● **Work instruction**
Each line from the material with the word "Heat" in it must be copied.

● **Data for this exercise**

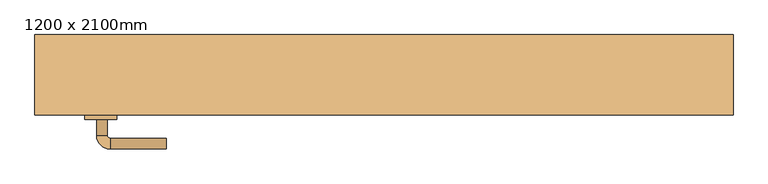
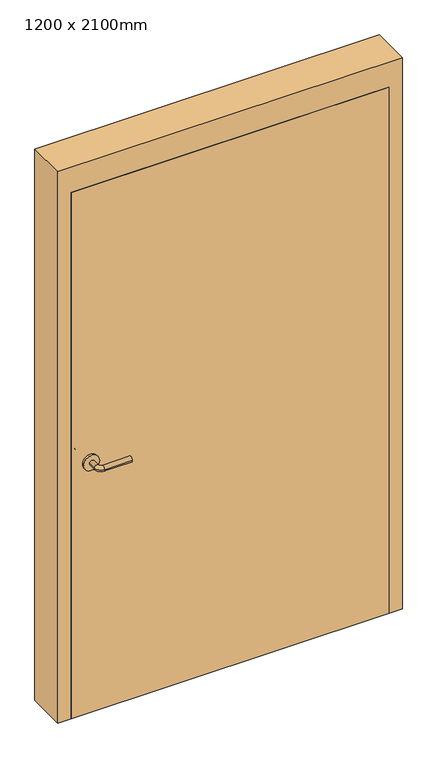
"""IFC4 building model written with IfcOpenShell, lengths in millimetres: door geometry, M_Puerta-De_paso-Simple-Paneles_planos : 1200 x 2100mm."""

from ifc_helpers import new_model, si_unit, point, frame, frame_2d, origin, origin_with_axes, place, context, project, spatial, polyline, circle_curve, ellipse_curve, trimmed, segment, composite_curve, outline, extrude, faceted_brep, source, transform, mapped, element, save
from ifc_brep_helpers import plane_surface, cylinder_surface, revolved_surface, advanced_brep


def door_1200_x_2100mm_64a0398e(model_context):
    return source(origin(), model_context, "Body", "SolidModel", [
        advanced_brep(
        [(-534.990625, -3.35, 1000.0), (-514.990625, -3.35, 1000.0), (-534.990625, 26.65, 1000.0), (-514.990625, 26.65, 1000.0), (-509.990625, 31.65, 1000.0), (-509.990625, 51.65, 1000.0), (-404.990625, 51.65, 1000.0), (-404.990625, 31.65, 1000.0)],
        [
            (0, 1, circle_curve(frame((-524.990625, -3.35, 1000.0), z_axis=(0.0, -1.0, 0.0), x_axis=(1.0, 0.0, 0.0)), 10.0)),
            (1, 0, circle_curve(frame((-524.990625, -3.35, 1000.0), z_axis=(0.0, -1.0, 0.0), x_axis=(1.0, 0.0, 0.0)), 10.0)),
            (0, 2),
            (2, 3, circle_curve(frame((-524.990625, 26.65, 1000.0), z_axis=(0.0, -1.0, 0.0), x_axis=(1.0, 0.0, 0.0)), 10.0)),
            (3, 1),
            (3, 2, circle_curve(frame((-524.990625, 26.65, 1000.0), z_axis=(0.0, -1.0, 0.0), x_axis=(1.0, 0.0, 0.0)), 10.0)),
            (4, 3, circle_curve(frame((-509.990625, 26.65, 1000.0), z_axis=(0.0, 0.0, 1.0), x_axis=(-1.0, 0.0, 0.0)), 5.0)),
            (2, 5, circle_curve(frame((-509.990625, 26.65, 1000.0), z_axis=(0.0, 0.0, -1.0), x_axis=(-1.0, 0.0, 0.0)), 25.0)),
            (5, 4, circle_curve(frame((-509.990625, 41.65, 1000.0), z_axis=(-1.0, 0.0, 0.0), x_axis=(0.0, -1.0, 0.0)), 10.0)),
            (4, 5, circle_curve(frame((-509.990625, 41.65, 1000.0), z_axis=(-1.0, 0.0, 0.0), x_axis=(0.0, -1.0, 0.0)), 10.0)),
            (6, 7, circle_curve(frame((-404.990625, 41.65, 1000.0), z_axis=(1.0, 0.0, 0.0), x_axis=(0.0, -1.0, 0.0)), 10.0)),
            (7, 6, circle_curve(frame((-404.990625, 41.65, 1000.0), z_axis=(1.0, 0.0, 0.0), x_axis=(0.0, -1.0, 0.0)), 10.0)),
            (5, 6),
            (7, 4),
        ],
        [
            plane_surface(frame((-524.990625, -3.35, 1000.0), z_axis=(0.0, -1.0, 0.0), x_axis=(0.0, 0.0, 1.0))),
            cylinder_surface(frame((-524.990625, -3.35, 1000.0), z_axis=(0.0, -1.0, 0.0), x_axis=(1.0, 0.0, 0.0)), 10.0),
            revolved_surface(trimmed(ellipse_curve(frame((-524.990625, 26.65, 1000.0), z_axis=(0.0, -1.0, 0.0), x_axis=(1.0, 0.0, 0.0)), 10.0, 10.0), [point((-534.990625, 26.65, 1000.0))], [point((-514.990625, 26.65, 1000.0))], True, "CARTESIAN"), (-509.990625, 26.65, 1000.0), (0.0, 0.0, -1.0)),
            revolved_surface(trimmed(ellipse_curve(frame((-524.990625, 26.65, 1000.0), z_axis=(0.0, -1.0, 0.0), x_axis=(1.0, 0.0, 0.0)), 10.0, 10.0), [point((-514.990625, 26.65, 1000.0))], [point((-534.990625, 26.65, 1000.0))], True, "CARTESIAN"), (-509.990625, 26.65, 1000.0), (0.0, 0.0, -1.0)),
            plane_surface(frame((-404.990625, 41.65, 1000.0), z_axis=(1.0, 0.0, 0.0), x_axis=(0.0, 0.0, 1.0))),
            cylinder_surface(frame((-509.990625, 41.65, 1000.0), z_axis=(-1.0, 0.0, 0.0), x_axis=(0.0, -1.0, 0.0)), 10.0),
        ],
        [
            (0, [[1, 2]]),
            (1, [[-1, 3, 4, 5]]),
            (1, [[-2, -5, 6, -3]]),
            (2, [[7, -4, 8, 9]]),
            (3, [[-8, -6, -7, 10]]),
            (4, [[11, 12]]),
            (5, [[-9, 13, -12, 14]]),
            (5, [[-10, -14, -11, -13]]),
        ],
    ),
        extrude(outline(composite_curve([segment(trimmed(circle_curve(frame_2d((1000.0, -527.490625)), 30.0), [point((1000.0, -557.490625))], [point((1000.0, -497.490625))], False, "CARTESIAN"), True, "CONTINUOUS"), segment(trimmed(circle_curve(frame_2d((1000.0, -527.490625)), 30.0), [point((1000.0, -497.490625))], [point((1000.0, -557.490625))], False, "CARTESIAN"), True, "CONTINUOUS")], self_intersect=False)), frame((0.0, -11.35, 0.0), z_axis=(0.0, 1.0, 0.0), x_axis=(0.0, 0.0, 1.0)), (0.0, 0.0, 1.0), 8.0),
        advanced_brep(
        [(-534.990625, -64.35, 1000.0), (-514.990625, -64.35, 1000.0), (-514.990625, -94.35, 1000.0), (-534.990625, -94.35, 1000.0), (-509.990625, -99.35, 1000.0), (-509.990625, -119.35, 1000.0), (-404.990625, -119.35, 1000.0), (-404.990625, -99.35, 1000.0)],
        [
            (0, 1, circle_curve(frame((-524.990625, -64.35, 1000.0), z_axis=(0.0, 1.0, 0.0), x_axis=(1.0, 0.0, 0.0)), 10.0)),
            (1, 0, circle_curve(frame((-524.990625, -64.35, 1000.0), z_axis=(0.0, 1.0, 0.0), x_axis=(1.0, 0.0, 0.0)), 10.0)),
            (1, 2),
            (2, 3, circle_curve(frame((-524.990625, -94.35, 1000.0), z_axis=(0.0, 1.0, 0.0), x_axis=(1.0, 0.0, 0.0)), 10.0)),
            (3, 0),
            (3, 2, circle_curve(frame((-524.990625, -94.35, 1000.0), z_axis=(0.0, 1.0, 0.0), x_axis=(1.0, 0.0, 0.0)), 10.0)),
            (4, 5, circle_curve(frame((-509.990625, -109.35, 1000.0), z_axis=(-1.0, 0.0, 0.0), x_axis=(0.0, 1.0, 0.0)), 10.0)),
            (5, 3, circle_curve(frame((-509.990625, -94.35, 1000.0), z_axis=(0.0, 0.0, -1.0), x_axis=(-1.0, 0.0, 0.0)), 25.0)),
            (2, 4, circle_curve(frame((-509.990625, -94.35, 1000.0), z_axis=(0.0, 0.0, 1.0), x_axis=(-1.0, 0.0, 0.0)), 5.0)),
            (5, 4, circle_curve(frame((-509.990625, -109.35, 1000.0), z_axis=(-1.0, 0.0, 0.0), x_axis=(0.0, 1.0, 0.0)), 10.0)),
            (6, 7, circle_curve(frame((-404.990625, -109.35, 1000.0), z_axis=(1.0, 0.0, 0.0), x_axis=(0.0, 1.0, 0.0)), 10.0)),
            (7, 6, circle_curve(frame((-404.990625, -109.35, 1000.0), z_axis=(1.0, 0.0, 0.0), x_axis=(0.0, 1.0, 0.0)), 10.0)),
            (4, 7),
            (6, 5),
        ],
        [
            plane_surface(frame((-524.990625, -64.35, 1000.0), z_axis=(0.0, 1.0, 0.0), x_axis=(0.0, 0.0, 1.0))),
            cylinder_surface(frame((-524.990625, -64.35, 1000.0), z_axis=(0.0, 1.0, 0.0), x_axis=(1.0, 0.0, 0.0)), 10.0),
            revolved_surface(trimmed(ellipse_curve(frame((-524.990625, -94.35, 1000.0), z_axis=(0.0, -1.0, 0.0), x_axis=(1.0, 0.0, 0.0)), 10.0, 10.0), [point((-534.990625, -94.35, 1000.0))], [point((-514.990625, -94.35, 1000.0))], True, "CARTESIAN"), (-509.990625, -94.35, 1000.0), (0.0, 0.0, -1.0)),
            revolved_surface(trimmed(ellipse_curve(frame((-524.990625, -94.35, 1000.0), z_axis=(0.0, -1.0, 0.0), x_axis=(1.0, 0.0, 0.0)), 10.0, 10.0), [point((-514.990625, -94.35, 1000.0))], [point((-534.990625, -94.35, 1000.0))], True, "CARTESIAN"), (-509.990625, -94.35, 1000.0), (0.0, 0.0, -1.0)),
            plane_surface(frame((-404.990625, -109.35, 1000.0), z_axis=(1.0, 0.0, 0.0), x_axis=(0.0, 0.0, 1.0))),
            cylinder_surface(frame((-509.990625, -109.35, 1000.0), z_axis=(-1.0, 0.0, 0.0), x_axis=(0.0, 1.0, 0.0)), 10.0),
        ],
        [
            (0, [[1, 2]]),
            (1, [[3, 4, 5, -2]]),
            (1, [[-5, 6, -3, -1]]),
            (2, [[7, 8, -4, 9]]),
            (3, [[10, -9, -6, -8]]),
            (4, [[11, 12]]),
            (5, [[13, -11, 14, -7]]),
            (5, [[-14, -12, -13, -10]]),
        ],
    ),
        extrude(outline(composite_curve([segment(trimmed(circle_curve(frame_2d((1000.0, -527.490625)), 30.0), [point((1000.0, -557.490625))], [point((1000.0, -497.490625))], False, "CARTESIAN"), True, "CONTINUOUS"), segment(trimmed(circle_curve(frame_2d((1000.0, -527.490625)), 30.0), [point((1000.0, -497.490625))], [point((1000.0, -557.490625))], False, "CARTESIAN"), True, "CONTINUOUS")], self_intersect=False)), frame((0.0, -64.35, 0.0), z_axis=(0.0, 1.0, 0.0), x_axis=(0.0, 0.0, 1.0)), (0.0, 0.0, 1.0), 8.0),
        extrude(outline(polyline([(600.0, -11.35), (600.0, -56.35), (-600.0, -56.35), (-600.0, -11.35), (600.0, -11.35)])), origin_with_axes(), (0.0, 0.0, 1.0), 2100.0),
        faceted_brep([(600.0, -6.5875, 0.0), (584.125, -6.5875, 0.0), (584.125, 44.4375, 0.0), (600.0, 44.4375, 0.0), (600.0, 93.65, 0.0), (650.0, 93.65, 0.0), (650.0, -56.35, 0.0), (600.0, -56.35, 0.0), (600.0, -56.35, 2100.0), (600.0, -6.5875, 2100.0), (650.0, -56.35, 2200.0), (-650.0, -56.35, 2200.0), (-650.0, -56.35, 0.0), (-600.0, -56.35, 0.0), (-600.0, -56.35, 2100.0), (650.0, 93.65, 2200.0), (600.0, 93.65, 2100.0), (-600.0, 93.65, 2100.0), (-600.0, 93.65, 0.0), (-650.0, 93.65, 0.0), (-650.0, 93.65, 2200.0), (600.0, 44.4375, 2100.0), (584.125, 44.4375, 2084.125), (-584.125, 44.4375, 2084.125), (-584.125, 44.4375, 0.0), (-600.0, 44.4375, 0.0), (-600.0, 44.4375, 2100.0), (584.125, -6.5875, 2084.125), (-600.0, -6.5875, 2100.0), (-600.0, -6.5875, 0.0), (-584.125, -6.5875, 0.0), (-584.125, -6.5875, 2084.125)], [[[0, 1, 2, 3, 4, 5, 6, 7]], [[7, 8, 9, 0]], [[6, 10, 11, 12, 13, 14, 8, 7]], [[5, 15, 10, 6]], [[4, 16, 17, 18, 19, 20, 15, 5]], [[3, 21, 16, 4]], [[2, 22, 23, 24, 25, 26, 21, 3]], [[1, 27, 22, 2]], [[0, 9, 28, 29, 30, 31, 27, 1]], [[8, 14, 28, 9]], [[16, 21, 26, 17]], [[22, 27, 31, 23]], [[12, 19, 18, 25, 24, 30, 29, 13]], [[13, 29, 28, 14]], [[11, 20, 19, 12]], [[17, 26, 25, 18]], [[23, 31, 30, 24]], [[15, 20, 11, 10]]]),
    ])


if __name__ == "__main__":
    model = new_model("IFC4")
    model_context = context("Model", 3, world=origin())
    ifc_project = project(units=[si_unit("LENGTHUNIT", "METRE", prefix="MILLI")], contexts=[model_context])
    site = spatial("IfcSite", under=ifc_project)
    building = spatial("IfcBuilding", under=site)
    placement = place(None, origin())
    door_1200_x_2100mm_shape = door_1200_x_2100mm_64a0398e(model_context)
    element("IfcDoor", 1, ObjectType="M_Puerta-De_paso-Simple-Paneles_planos : 1200 x 2100mm", at=placement, inside=building, context=model_context, shape_type="MappedRepresentation", body=[
        mapped(door_1200_x_2100mm_shape, transform((0.0, 0.0, 0.0), x_axis=(1.0, 0.0, 0.0), y_axis=(0.0, 1.0, 0.0), z_axis=(0.0, 0.0, 1.0))),
    ])
    save(model, "model.ifc")

# Revit data of these elements
# Type "M_Puerta-De_paso-Simple-Paneles_planos : 1200 x 2100mm"
#   Type Mark = "46"
#   Analytic Construction = "Madera"
#   Thickness = 0.045 m
#   Thermal Resistance (R) = 0.455703 (m²·K)/W
#   Ángulo de batiente [instance default] = 90.00°
#   Altura del pasador = 1.00 m
#   Rough Width [instance default] = 1.30 m
#   Rough Height [instance default] = 2.20 m
#   Altura de hueco MF [instance default] = 0.10 m
#   Anchura de hueco MF [instance default] = 0.10 m
#   Cálculo de la incrustación [instance default] = 0.105 m
#   Incrustación de albañilería [instance default] = 0.025 m
#   Height = 2.10 m
#   Width = 1.20 m
#   Heat Transfer Coefficient (U) = 2.19465 W/(m²·K)
#   Profundidad del marco del albañilería = 0.15 m
#   Marco del albañilería [instance default] = yes
#   Function = 1
#   Marco de muro seco [instance default] = no
#   Material de panel = Madera - Abedul
#   Material de estructura = Metal - Acabado de pintura - Gris
#   Material de tirador = Aluminio 1
#   Visual Light Transmittance = 0
#   Solar Heat Gain Coefficient = 0
#   Wall Closure = (empty or 0)
# Element 1 (IfcDoor, "M_Puerta-De_paso-Simple-Paneles_planos : 1200 x 2100mm")
#   Materials on its faces: "Aluminio 1", "Metal - Acabado de pintura - Gris", "Madera - Abedul"
# Materials
#   "Madera - Abedul": class "Madera", colour RGB 173 132 96, transparency 0, Cost = 0
#   "Metal - Acabado de pintura - Gris": class "Pintura", colour RGB 178 178 178, transparency 0, Cost = 0
#   "Aluminio 1": class "Metal", colour RGB 244 245 246, transparency 0, Description = "Aluminio 6061", Cost = 0

● **Answer to this task**
#   Heat Transfer Coefficient (U) = 2.19465 W/(m²·K)
#   Solar Heat Gain Coefficient = 0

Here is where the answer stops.